PROBLEM STATEMENT —
If a line holds the word "plug", copy it from the entries.

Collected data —
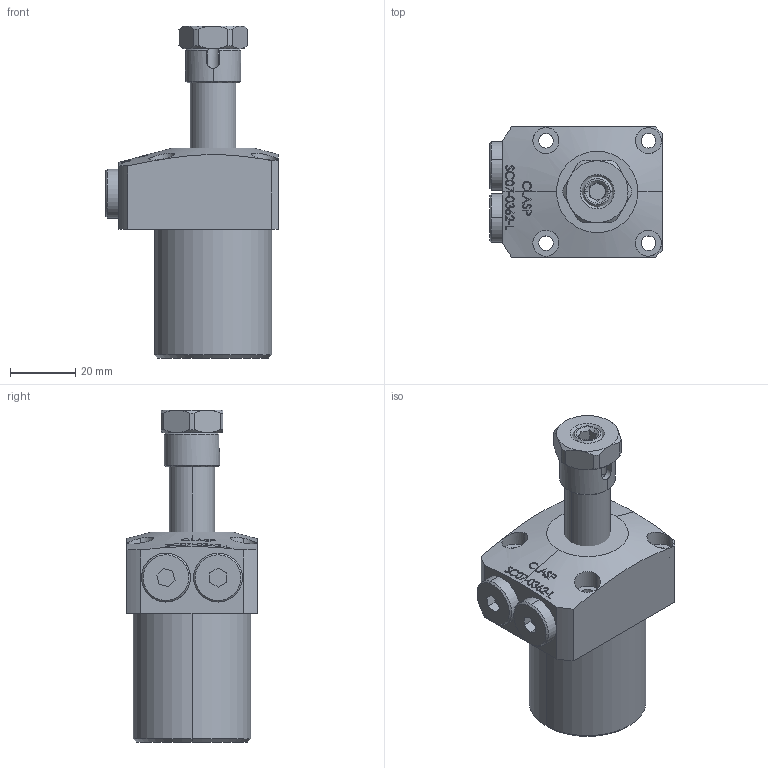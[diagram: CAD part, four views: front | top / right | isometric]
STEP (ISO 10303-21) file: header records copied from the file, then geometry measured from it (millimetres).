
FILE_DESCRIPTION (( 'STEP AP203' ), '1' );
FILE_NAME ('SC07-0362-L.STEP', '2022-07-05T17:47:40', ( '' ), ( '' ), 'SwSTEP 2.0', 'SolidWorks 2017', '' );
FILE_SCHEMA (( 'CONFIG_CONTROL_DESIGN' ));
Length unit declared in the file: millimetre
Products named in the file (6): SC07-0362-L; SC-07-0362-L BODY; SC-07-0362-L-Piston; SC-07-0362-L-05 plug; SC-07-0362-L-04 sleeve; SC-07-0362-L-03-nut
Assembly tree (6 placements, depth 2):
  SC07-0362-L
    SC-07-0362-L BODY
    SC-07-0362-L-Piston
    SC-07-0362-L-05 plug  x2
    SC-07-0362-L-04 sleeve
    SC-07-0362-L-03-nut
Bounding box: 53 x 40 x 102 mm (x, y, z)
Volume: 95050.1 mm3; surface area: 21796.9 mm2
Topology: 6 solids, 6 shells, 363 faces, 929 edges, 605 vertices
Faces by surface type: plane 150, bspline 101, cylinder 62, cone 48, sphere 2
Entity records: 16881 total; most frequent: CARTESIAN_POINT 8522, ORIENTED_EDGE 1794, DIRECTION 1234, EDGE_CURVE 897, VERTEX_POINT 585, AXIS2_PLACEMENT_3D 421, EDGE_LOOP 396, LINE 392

SOLUTION BELOW —
Products named in the file (6): SC07-0362-L; SC-07-0362-L BODY; SC-07-0362-L-Piston; SC-07-0362-L-05 plug; SC-07-0362-L-04 sleeve; SC-07-0362-L-03-nut
    SC-07-0362-L-05 plug  x2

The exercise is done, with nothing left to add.